Since software that looks for plagiarism (as you mentioned) can only look for literary plagiarism, I was trying to direct the focus of the discussion to that, rather than the stages before a given concept has made its way into common knowledge, as that situation is much more cut-and-dry, and therefore less interesting as a discussion topic.
To change the subject slightly, I’m going to note the technique described by simon rayner of googling a suspect passage and pile on to the discussion at hand by asserting that googling is limited to about 32 words…
Apparently this technique is quite popular and I’d like to hear from people who have used it extensively.
32 words is generally enough to point you to a sentence in the, er, related paper. While some authors are ‘sourcing’ a single paper, what we’ve found is that it’s also quite common to cut and paste individual sentences from several papers to form a plagiarism combo. Thus, we find three or four papers that have single sentences copied verbatim in the Introduction and Discussion section. What usually gives them away is the change from near perfect style in these sections to something less than perfect in the Results section. We are able to do this final review step because our number of submissions is manageable.
I’ve done that a few times myself. Really excellent sentences followed by complete gibberish, followed by fully legible English again. Google the good sentences, and in most cases: *ping* – plenty of hits.
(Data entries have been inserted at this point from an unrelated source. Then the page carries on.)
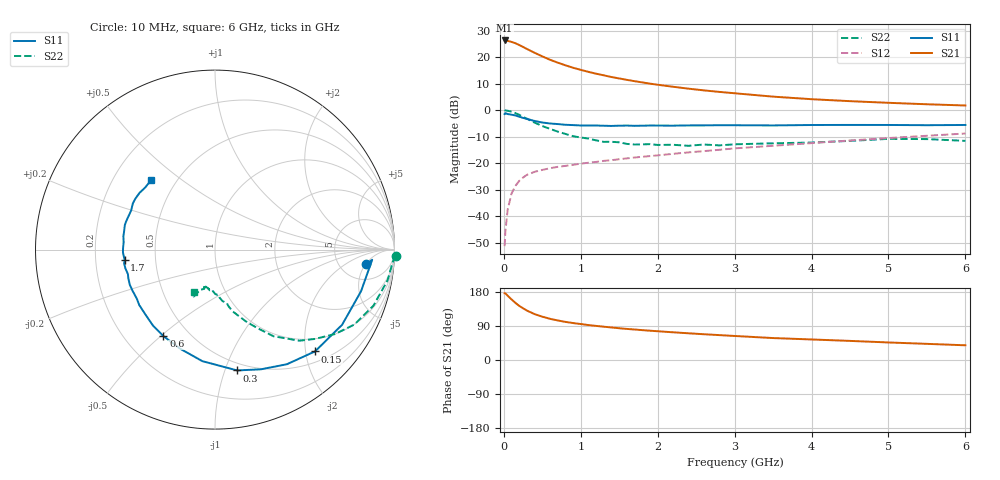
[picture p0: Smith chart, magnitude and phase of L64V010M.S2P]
!  INFINEON TECHNOLOGIES Small Signal Semiconductors
! BFR380L3 , Si-NPN RF-Transistor in TSLP-3-1
!  Vce=4 V,  Ic=10 mA
! Common Emitter S-Parameters:  07. March 2005
#  GHz  S  MA  R  50
! f  S11  S21  S12  S22
! GHz  Mag  Ang  Mag  Ang  Mag  Ang  Mag  Ang
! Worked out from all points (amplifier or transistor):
!   36 points, 10 MHz to 6 GHz, reference 50 ohm
!   highest |S21| = 26.3 dB at 10 MHz (marker M1)
!   |S21| within 3 dB of that: start of sweep to 286 MHz
!   unconditionally stable (mu >= 1): 2.322 GHz to 4.704 GHz
!   at 250 MHz: K = 0.24, MSG = 24.7 dB, |S12| = -25.4 dB
!   at 1.4 GHz: K = 0.85, MSG = 15.7 dB, |S12| = -18.9 dB
!   at 6 GHz: K = 0.96, MSG = 5.3 dB, |S12| = -8.8 dB
!   S11 on the Smith chart (normalised r, x): 10 MHz: 9, -5; 150 MHz: 0.71, -2.19; 300 MHz: 0.44, -1.10; 600 MHz: 0.36, -0.51; 1.7 GHz: 0.33, -0.05; 6 GHz: 0.36, +0.39
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0.01  0.8449 -5.6  20.76 176.0  0.0027 85.4  1.007 -2.0
0.02  0.8776 -3.7  20.68 175.9  0.0051 84.1  0.992 -4.1
0.05  0.8462 -15.9  20.38 169.6  0.0133 83.7  0.977 -10.0
0.1  0.8228 -30.6  19.5 159.9  0.0266 74.6  0.9364 -19.5
0.15  0.7952 -45.5  18.41 150.8  0.0372 68.2  0.8814 -28.3
0.2  0.7539 -57.9  17.02 142.9  0.0462 63.3  0.8177 -35.1
0.25  0.7144 -69.0  15.68 136.4  0.0535 58.6  0.7478 -41.7
0.3  0.6845 -79.6  14.34 130.4  0.0601 55.2  0.6918 -47.2
0.4  0.6254 -96.5  12.15 121.1  0.0685 51.2  0.5824 -56.0
0.5  0.5851 -109.5  10.38 114.3  0.0745 48.6  0.5023 -61.2
0.6  0.5611 -120.8  8.97 108.7  0.0801 47.3  0.4434 -66.1
0.7  0.5468 -129.1  7.912 104.4  0.085 47.2  0.3943 -70.2
0.8  0.5306 -136.7  7.05 100.6  0.0887 47.2  0.3565 -74.2
1.1  0.5134 -153.0  5.295 92.2  0.1018 49.0  0.291 -81.5
1.4  0.5041 -164.3  4.233 85.9  0.1137 51.1  0.253 -86.8
1.7  0.5065 -173.5  3.53 80.5  0.1276 53.4  0.2247 -93.5
2.2  0.5106 175.4  2.772 73.1  0.1499 55.8  0.2221 -98.8
2.8  0.5206 164.8  2.217 65.7  0.1787 58.6  0.2163 -106.4
3.5  0.5155 155.0  1.803 57.9  0.2128 59.1  0.237 -109.5
4.5  0.5268 147.3  1.481 50.4  0.2678 60.4  0.2634 -112.6
5.5  0.5206 138.3  1.294 42.6  0.3289 58.8  0.2844 -115.0
6  0.5259 132.6  1.227 38.8  0.3626 57.4  0.2635 -116.5

Not uncommonly, I also found several papers with the same sentence.
Still, at the same time I’d rather be cited correctly by someone copying an entire paragraph I wrote (which has happened) that incorrectly by someone just making random statements followed by a reference to my paper that actually says something completely different (which has also happened).
If anyone can take 32 words from my paper and google them to find who originally said it, why do I need to reference it and put it in quotes? Maybe this is just anachronistic. Maybe in future I can have a program which automatically provides references for all my sentences!